Maine’s Top Foliage Expert on What to Expect This Fall

Gale Ross, the state’s fall foliage coordinator for over three decades, knows the leaves like the back of her hand.

Maine Foliage

It’s mid-August and Gale Ross is contemplating the swamp maple along her driveway. Swamp maples, also called red maples, are typically fall’s first rumblings, as they begin to change color before summer’s end. “It’s just one particular tree every year that goes to red,” says Ross, who has foliage on the mind more than most. “I will look at a little bit of a [leaf] drop in the driveway and say, ‘Oh my gosh, here it comes.’”

The South Bristol resident has been the state’s fall foliage coordinator for about three decades. Even though she retired in 2013, she returns each season to don the hat of foliage spokesperson, which helps visitors take full advantage of leaf peeping, one of Maine’s most popular tourist activities. She says it was the most fun part of her job as assistant to the commissioner of the Department of Conservation (now the Department of Agriculture, Conservation, and Forestry), which she took on shortly after she began working for the state straight out of college at age 23.

Ross starts her work in late August. One of the first people she contacts is the state’s forest pathologist, Aaron Bergdahl, to check in on the health of Maine’s forests. Drought, insects, and diseases can all have a negative impact on fall colors. She’s also watching the amount of rainfall over the summer and tuned into things like flower blooms. “Everything that could bloom did bloom this year,” she says, which bodes well for fall’s performance.

But the real success of the season depends on the weather in early fall. “We absolutely have to have warm days and cool nights,” says Ross, who grew up in Texas and spends her winters there. She grew up visiting Maine every summer, until her father retired from the military and moved the family to the state when she was 17.

Once the season starts, she begins coordinating with the many on-the-ground contacts that contribute to the creation of Maine’s weekly fall foliage report, which includes a color-coded map of Maine’s foliage progression across seven zones, ranking color change from “very low” to “past peak,” Ross’s take on the week compared to typical years, and some handpicked regional activities and events to make the most of the season. Forest service rangers send her their data and photos of all of Maine’s seven foliage zones, and if she needs a little more help to determine conditions in certain areas, she’ll enlist the state parks and historic sites for a more accurate reading.

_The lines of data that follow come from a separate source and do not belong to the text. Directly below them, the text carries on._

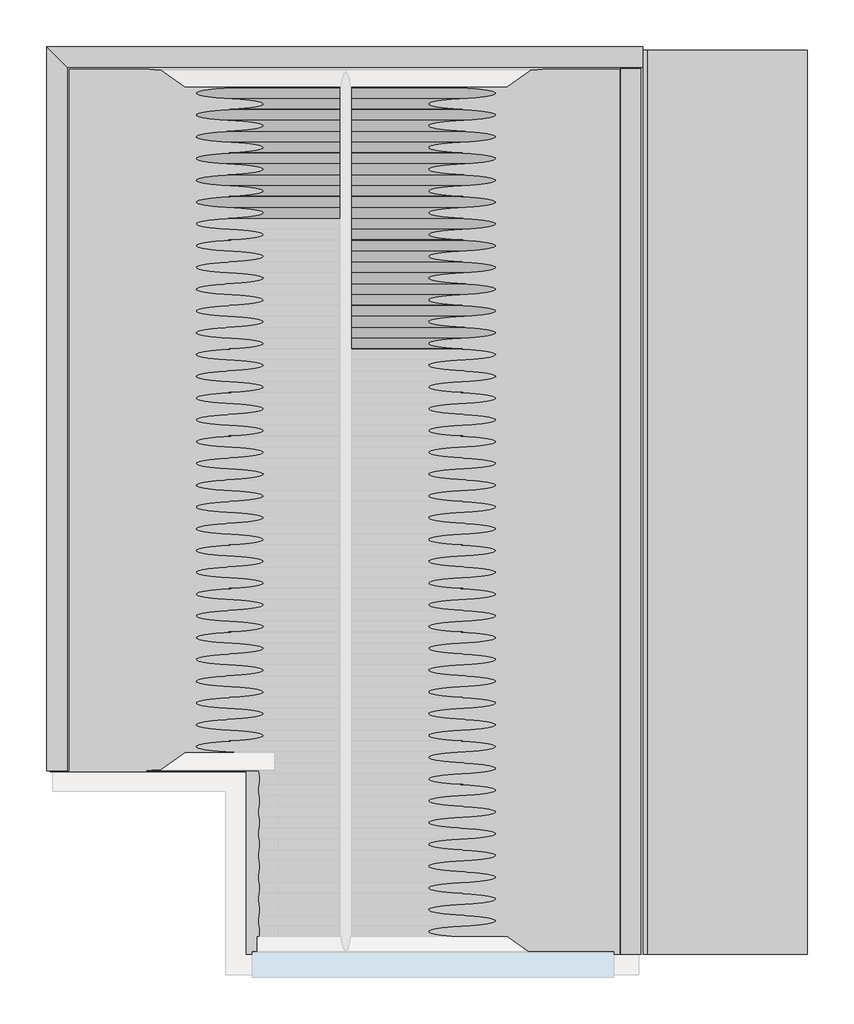
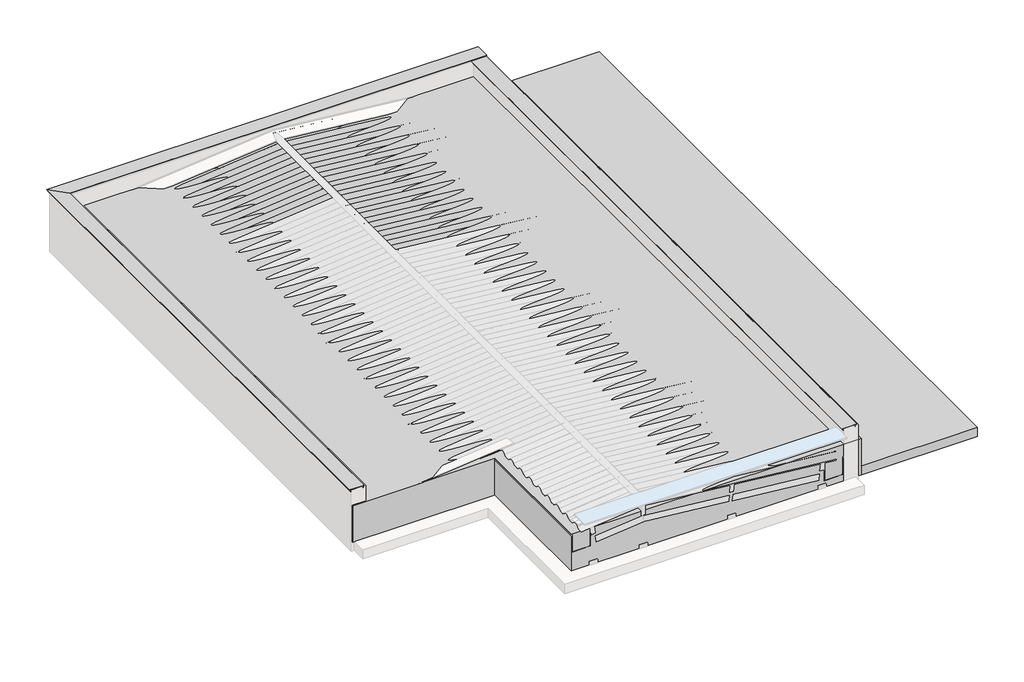
# One storey, part 4 of 4: 27 beams, 12 columns, 3 proxies.
"""IFC4 building model written with IfcOpenShell, lengths in millimetres."""

import ifcopenshell
import ifcopenshell.guid

model = None  # the IFC model being written
_history = None  # IfcOwnerHistory: only IFC2X3 demands one
_inside = {}  # id of a spatial element -> (the spatial element, [elements in it])
_under = {}  # id of a project, library or spatial element -> (it, [spatial elements below it])
_declared = {}  # id of a project -> (the project, [libraries it declares])
_typed = {}  # id of a type object -> (the type object, [elements of that type])
_made_of = {}  # id of a material, layer set ... -> (it, [elements and type objects made of it])


def new_model(schema):
    """Start an empty IFC model of exactly this schema.

    Asked for "IFC4X3", IfcOpenShell would pick the latest addendum, in which some entities
    have other attributes; the version numbers below select the first issue.
    IFC2X3 requires an IfcOwnerHistory on every rooted entity: one is made here for all.
    """
    global model, _history
    if schema == "IFC4X3":
        model = ifcopenshell.file(schema_version=(4, 3, 0, 0))
    else:
        model = ifcopenshell.file(schema=schema)
    _inside.clear()
    _under.clear()
    _declared.clear()
    _typed.clear()
    _made_of.clear()
    _history = None
    if model.schema == "IFC2X3":
        org = make("IfcOrganization", Name="unknown")
        user = make(
            "IfcPersonAndOrganization",
            ThePerson=make("IfcPerson", FamilyName="unknown"),
            TheOrganization=org,
        )
        app = make(
            "IfcApplication",
            ApplicationDeveloper=org,
            Version="unknown",
            ApplicationFullName="unknown",
            ApplicationIdentifier="unknown",
        )
        _history = make(
            "IfcOwnerHistory",
            OwningUser=user,
            OwningApplication=app,
            ChangeAction="ADDED",
            CreationDate=0,
        )
    return model


def make(cls, **values):
    """One entity of the class cls with the attributes given. An attribute that is None is left unset."""
    return model.create_entity(
        cls, **{name: value for name, value in values.items() if value is not None}
    )


def rooted(cls, **values):
    """An entity with a GlobalId (a new one), such as an element, a storey or a relation."""
    return make(cls, GlobalId=ifcopenshell.guid.new(), OwnerHistory=_history, **values)


def si_unit(unit_type, name, prefix=None):
    """IfcSIUnit, for example si_unit("LENGTHUNIT", "METRE", prefix="MILLI")."""
    return make("IfcSIUnit", UnitType=unit_type, Prefix=prefix, Name=name)


def assignment(units):
    """IfcUnitAssignment: the units of a project."""
    return None if units is None else make("IfcUnitAssignment", Units=units)


def point(xyz):
    """IfcCartesianPoint."""
    return None if xyz is None else make("IfcCartesianPoint", Coordinates=xyz)


def direction(xyz):
    """IfcDirection."""
    return None if xyz is None else make("IfcDirection", DirectionRatios=xyz)


def frame(location, z_axis=None, x_axis=None):
    """IfcAxis2Placement3D, a coordinate frame: its origin and axes. An axis left out is left unset."""
    return make(
        "IfcAxis2Placement3D",
        Location=point(location),
        Axis=direction(z_axis),
        RefDirection=direction(x_axis),
    )


def frame_2d(location, x_axis=None):
    """IfcAxis2Placement2D, a coordinate frame in the plane: its origin and x axis."""
    return make(
        "IfcAxis2Placement2D", Location=point(location), RefDirection=direction(x_axis)
    )


def origin():
    """The frame at (0, 0, 0) with its axes left unset."""
    return frame((0.0, 0.0, 0.0))


def place(relative_to, where):
    """IfcLocalPlacement: puts the frame where relative to a parent placement (None: the world)."""
    return make(
        "IfcLocalPlacement", PlacementRelTo=relative_to, RelativePlacement=where
    )


def context(
    kind, dimensions, precision=None, world=None, true_north=None, identifier=None
):
    """IfcGeometricRepresentationContext, for example the 3D "Model" context."""
    return make(
        "IfcGeometricRepresentationContext",
        ContextIdentifier=identifier,
        ContextType=kind,
        CoordinateSpaceDimension=dimensions,
        Precision=precision,
        WorldCoordinateSystem=world,
        TrueNorth=true_north,
    )


def project(units=None, contexts=None):
    """IfcProject with its units and contexts."""
    return rooted(
        "IfcProject",
        Name="project",
        RepresentationContexts=contexts,
        UnitsInContext=assignment(units),
    )


def spatial(cls, under=None, at=None, **own):
    """A site, building, storey or space (cls), placed at a placement, below another one or the project."""
    s = rooted(cls, ObjectPlacement=at, **own)
    if under is not None:
        _under.setdefault(under.id(), (under, []))[1].append(s)
    return s


def polyline(points):
    """IfcPolyline through the points."""
    return make("IfcPolyline", Points=[point(p) for p in points])


def circle_curve(where, radius):
    """IfcCircle in the frame where."""
    return make("IfcCircle", Position=where, Radius=radius)


def trimmed(basis, trim1, trim2, sense, master):
    """IfcTrimmedCurve: the piece of a basis curve between two trims."""
    return make(
        "IfcTrimmedCurve",
        BasisCurve=basis,
        Trim1=trim1,
        Trim2=trim2,
        SenseAgreement=sense,
        MasterRepresentation=master,
    )


def segment(curve, same_sense, transition):
    """IfcCompositeCurveSegment."""
    return make(
        "IfcCompositeCurveSegment",
        Transition=transition,
        SameSense=same_sense,
        ParentCurve=curve,
    )


def composite_curve(segments, self_intersect=None):
    """IfcCompositeCurve: segments joined end to end."""
    return make("IfcCompositeCurve", Segments=segments, SelfIntersect=self_intersect)


def outline(outer, holes=None, kind="AREA"):
    """IfcArbitraryClosedProfileDef: a profile drawn as a closed curve; with holes, ...WithVoids."""
    if holes is None:
        return make("IfcArbitraryClosedProfileDef", ProfileType=kind, OuterCurve=outer)
    return make(
        "IfcArbitraryProfileDefWithVoids",
        ProfileType=kind,
        OuterCurve=outer,
        InnerCurves=holes,
    )


def extrude(swept, where, along, depth):
    """IfcExtrudedAreaSolid: the profile swept, set in the frame where, extruded along a direction by depth."""
    return make(
        "IfcExtrudedAreaSolid",
        SweptArea=swept,
        Position=where,
        ExtrudedDirection=direction(along),
        Depth=depth,
    )


def faces_of(points, faces, orient=None, outer=None):
    """IfcFace entities. A face is a list of loops; a loop is a list of indices into points, from 0.

    orient and outer hold one flag for each loop. By default every Orientation is true, the
    first loop of a face is its IfcFaceOuterBound and the others are IfcFaceBound.
    """
    made = []
    for i, loops in enumerate(faces):
        bounds = []
        for j, loop in enumerate(loops):
            is_outer = j == 0 if outer is None else outer[i][j]
            bounds.append(
                make(
                    "IfcFaceOuterBound" if is_outer else "IfcFaceBound",
                    Bound=make("IfcPolyLoop", Polygon=[points[k] for k in loop]),
                    Orientation=True if orient is None else orient[i][j],
                )
            )
        made.append(make("IfcFace", Bounds=bounds))
    return made


def faceted_brep(points, faces, orient=None, outer=None, voids=None):
    """IfcFacetedBrep: a solid bounded by flat faces; with voids (closed shells), ...WithVoids."""
    shared = [point(p) for p in points]
    hull = make("IfcClosedShell", CfsFaces=faces_of(shared, faces, orient, outer))
    if voids is None:
        return make("IfcFacetedBrep", Outer=hull)
    return make(
        "IfcFacetedBrepWithVoids",
        Outer=hull,
        Voids=[
            make(cls, CfsFaces=faces_of(shared, fs, o, b)) for cls, fs, o, b in voids
        ],
    )


def shape(context_of_items, identifier, shape_type, items):
    """IfcShapeRepresentation: the items that make up one representation, for example the "Body"."""
    return make(
        "IfcShapeRepresentation",
        ContextOfItems=context_of_items,
        RepresentationIdentifier=identifier,
        RepresentationType=shape_type,
        Items=items,
    )


def source(mapping_origin, context_of_items, identifier, shape_type, items):
    """IfcRepresentationMap: a shape defined once, which mapped items show again and again."""
    return make(
        "IfcRepresentationMap",
        MappingOrigin=mapping_origin,
        MappedRepresentation=shape(context_of_items, identifier, shape_type, items),
    )


def transform(
    local_origin,
    x_axis=None,
    y_axis=None,
    z_axis=None,
    scale=None,
    scale2=None,
    scale3=None,
    uniform=True,
):
    """IfcCartesianTransformationOperator3D, or its non-uniform kind. x_axis, y_axis, z_axis: its Axis1, 2, 3."""
    if uniform:
        return make(
            "IfcCartesianTransformationOperator3D",
            Axis1=direction(x_axis),
            Axis2=direction(y_axis),
            LocalOrigin=point(local_origin),
            Scale=scale,
            Axis3=direction(z_axis),
        )
    return make(
        "IfcCartesianTransformationOperator3DnonUniform",
        Axis1=direction(x_axis),
        Axis2=direction(y_axis),
        LocalOrigin=point(local_origin),
        Scale=scale,
        Axis3=direction(z_axis),
        Scale2=scale2,
        Scale3=scale3,
    )


def mapped(mapping_source, mapping_target):
    """IfcMappedItem: shows the shape of a source again, moved by a transform."""
    return make(
        "IfcMappedItem", MappingSource=mapping_source, MappingTarget=mapping_target
    )


def made_of(thing, what):
    """Note that an element or type object is made of a material, layer set ...; save() writes the relation."""
    if what is not None:
        _made_of.setdefault(what.id(), (what, []))[1].append(thing)
    return thing


def element(
    cls,
    number,
    at=None,
    inside=None,
    cuts=None,
    type_object=None,
    material=None,
    context=None,
    identifier="Body",
    shape_type=None,
    held_by="IfcProductDefinitionShape",
    body=None,
    shapes=None,
    **own,
):
    """One element of the class cls, such as IfcWall. Its Tag is "e" and its number.

    at: its placement. inside: the storey or other place that contains it. cuts: it is an
    opening in that element (IfcRelVoidsElement). A single representation is given by context,
    identifier, shape_type and body (its items); several are given by shapes. held_by: the class
    of the entity that holds the representations. save() writes the other relations.
    """
    e = rooted(cls, Tag="e%d" % number, ObjectPlacement=at, **own)
    if body is not None:
        shapes = [shape(context, identifier, shape_type, body)]
    if shapes is not None:
        e.Representation = make(held_by, Representations=shapes)
    if inside is not None:
        _inside.setdefault(inside.id(), (inside, []))[1].append(e)
    if cuts is not None:
        rooted(
            "IfcRelVoidsElement", RelatingBuildingElement=cuts, RelatedOpeningElement=e
        )
    if type_object is not None:
        _typed.setdefault(type_object.id(), (type_object, []))[1].append(e)
    return made_of(e, material)


def aggregate(whole, parts):
    """IfcRelAggregates: a whole, such as a stair, and the parts it consists of."""
    return rooted("IfcRelAggregates", RelatingObject=whole, RelatedObjects=parts)


def save(model, path):
    """Write the relations noted so far, then the file.

    IfcRelAggregates (storeys below a building ...), IfcRelContainedInSpatialStructure (elements
    in a storey), IfcRelDefinesByType, IfcRelAssociatesMaterial and IfcRelDeclares: one each for
    every whole, place, type object, material and project.
    """
    for whole, parts in _under.values():
        aggregate(whole, parts)
    for where, things in _inside.values():
        rooted(
            "IfcRelContainedInSpatialStructure",
            RelatedElements=things,
            RelatingStructure=where,
        )
    for kind, things in _typed.values():
        rooted("IfcRelDefinesByType", RelatedObjects=things, RelatingType=kind)
    for what, things in _made_of.values():
        rooted("IfcRelAssociatesMaterial", RelatedObjects=things, RelatingMaterial=what)
    for by, libraries in _declared.values():
        rooted("IfcRelDeclares", RelatingContext=by, RelatedDefinitions=libraries)
    model.write(path)


def column_7d6827b5(model_context):
    return source(origin(), model_context, "Body", "SweptSolid", [
        extrude(outline(polyline([(30.0, 80.0), (30.0, -80.0), (-30.0, -80.0), (-30.0, 80.0), (30.0, 80.0)])), frame((0.0, 0.0, 4460.0), z_axis=(0.0, 0.0, 1.0), x_axis=(1.0, 0.0, 0.0)), (0.0, 0.0, 1.0), 466.0),
    ])


def column_c7348c99(model_context):
    return source(origin(), model_context, "Body", "SweptSolid", [
        extrude(outline(polyline([(30.0, 80.0), (30.0, -80.0), (-30.0, -80.0), (-30.0, 80.0), (30.0, 80.0)])), frame((0.0, 0.0, 4460.0), z_axis=(0.0, 0.0, 1.0), x_axis=(1.0, 0.0, 0.0)), (0.0, 0.0, 1.0), 372.8),
    ])


def column_6cc9e01b(model_context):
    return source(origin(), model_context, "Body", "SweptSolid", [
        extrude(outline(polyline([(30.0, 80.0), (30.0, -80.0), (-30.0, -80.0), (-30.0, 80.0), (30.0, 80.0)])), frame((0.0, 0.0, 4460.0), z_axis=(0.0, 0.0, 1.0), x_axis=(1.0, 0.0, 0.0)), (0.0, 0.0, 1.0), 233.0),
    ])


model = new_model("IFC4")

# Units and contexts
model_context = context("Model", 3, world=origin())
ifc_project = project(units=[si_unit("LENGTHUNIT", "METRE", prefix="MILLI")], contexts=[model_context])

# Site, building, storey
site = spatial("IfcSite", under=ifc_project)
building = spatial("IfcBuilding", under=site)
storey = spatial("IfcBuildingStorey", under=building, Name="COB. SALA ESTAR", Elevation=4400.0)

# Beams
placement = place(None, origin())
element("IfcBeam", 1, ObjectType="Madeira de lei : Berço 6x12cm", at=placement, inside=storey, context=model_context, shape_type="SweptSolid", body=[
    extrude(outline(polyline([(-3400.8557491, 5593.4722664), (-3280.8557491, 5593.4722664), (-3280.8557491, 4180.4300153), (-3400.8557491, 4180.4300153), (-3400.8557491, 5593.4722664)])), frame((0.0, 0.0, 4400.0), z_axis=(0.0, 0.0, 1.0), x_axis=(1.0, 0.0, 0.0)), (0.0, 0.0, 1.0), 60.0),
])
element("IfcBeam", 2, ObjectType="Madeira de lei : Berço 6x12cm", at=placement, inside=storey, context=model_context, shape_type="SweptSolid", body=[
    extrude(outline(polyline([(-2032.3324227, 4180.4300153), (-1912.3324227, 4180.4300153), (-1912.3324227, 2180.4300159), (-2032.3324227, 2180.4300159), (-2032.3324227, 4180.4300153)])), frame((0.0, 0.0, 4400.0), z_axis=(0.0, 0.0, 1.0), x_axis=(1.0, 0.0, 0.0)), (0.0, 0.0, 1.0), 60.0),
])
element("IfcBeam", 3, ObjectType="Madeira de lei : Berço 6x12cm", at=placement, inside=storey, context=model_context, shape_type="SweptSolid", body=[
    extrude(outline(polyline([(-2032.3324227, 5593.4722664), (-1912.3324227, 5593.4722664), (-1912.3324227, 4180.4300153), (-2032.3324227, 4180.4300153), (-2032.3324227, 5593.4722664)])), frame((0.0, 0.0, 4400.0), z_axis=(0.0, 0.0, 1.0), x_axis=(1.0, 0.0, 0.0)), (0.0, 0.0, 1.0), 60.0),
])
element("IfcBeam", 4, ObjectType="Madeira de lei : Berço 6x12cm", at=placement, inside=storey, context=model_context, shape_type="SweptSolid", body=[
    extrude(outline(polyline([(-634.0324227, 4180.4300153), (-514.0324227, 4180.4300153), (-514.0324227, 2180.4300159), (-634.0324227, 2180.4300159), (-634.0324227, 4180.4300153)])), frame((0.0, 0.0, 4400.0), z_axis=(0.0, 0.0, 1.0), x_axis=(1.0, 0.0, 0.0)), (0.0, 0.0, 1.0), 60.0),
])
element("IfcBeam", 5, ObjectType="Madeira de lei : Berço 6x12cm", at=placement, inside=storey, context=model_context, shape_type="SweptSolid", body=[
    extrude(outline(polyline([(-634.0324227, 5593.4722664), (-514.0324227, 5593.4722664), (-514.0324227, 4180.4300153), (-634.0324227, 4180.4300153), (-634.0324227, 5593.4722664)])), frame((0.0, 0.0, 4400.0), z_axis=(0.0, 0.0, 1.0), x_axis=(1.0, 0.0, 0.0)), (0.0, 0.0, 1.0), 60.0),
])
element("IfcBeam", 6, ObjectType="Madeira de lei : Berço 6x12cm", at=placement, inside=storey, context=model_context, shape_type="SweptSolid", body=[
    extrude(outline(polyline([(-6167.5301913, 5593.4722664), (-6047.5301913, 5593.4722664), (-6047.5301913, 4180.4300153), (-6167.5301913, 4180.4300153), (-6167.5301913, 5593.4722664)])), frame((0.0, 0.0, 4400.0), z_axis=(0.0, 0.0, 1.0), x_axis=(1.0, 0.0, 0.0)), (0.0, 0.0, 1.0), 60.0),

Jim Britt, the department’s communications director, calls her the maestro orchestrating a finely tuned network of field reporters, noting that she brings her keen sense of humor and “great energy” to the role. The first report comes out in mid-September, then every Wednesday thereafter, until “the last leaf drops,” as Ross puts it, sometime in October.

The years that stand out to her are the ones with odd weather, like hurricanes blowing through or early snow that can end the season abruptly. Last year was a memorable year, not only because of the pandemic but the drought, which caused the shortest season she has reported on. So far, she hasn’t noticed any drastic changes due to climate change, but it is a concern of hers.

While Maine’s fall complexion doesn’t change much from year-to-year, the report itself, which started in 1959, has. In the beginning, rangers radioed into headquarters with news of the colors, which was then broadcast on the radio. The department started Mainefoliage.com in the mid-1990s. Social media, which was added in 2014, is now a big part of Ross’s job. Most of the stunning photos on Maine Foliage’s Instagram, Facebook, and Twitter pages are submitted by followers. Ross also gets sent photos from friends across the state of their first color sightings. When asked if she ever gets tired of it, she says no. “People like to be helpful.”

This year she’s leaning into that mentality in her reports. As leaf-peeping tourists come into a state of short-staffed businesses still recovering from the pandemic, she wants to send them the message to “just be courteous and kind and patient.” As for the foliage, Ross is projecting a great season this year, based on the amount of rain.

“She’s Maine’s Lorax,” Britt says. “She speaks for the leaves.”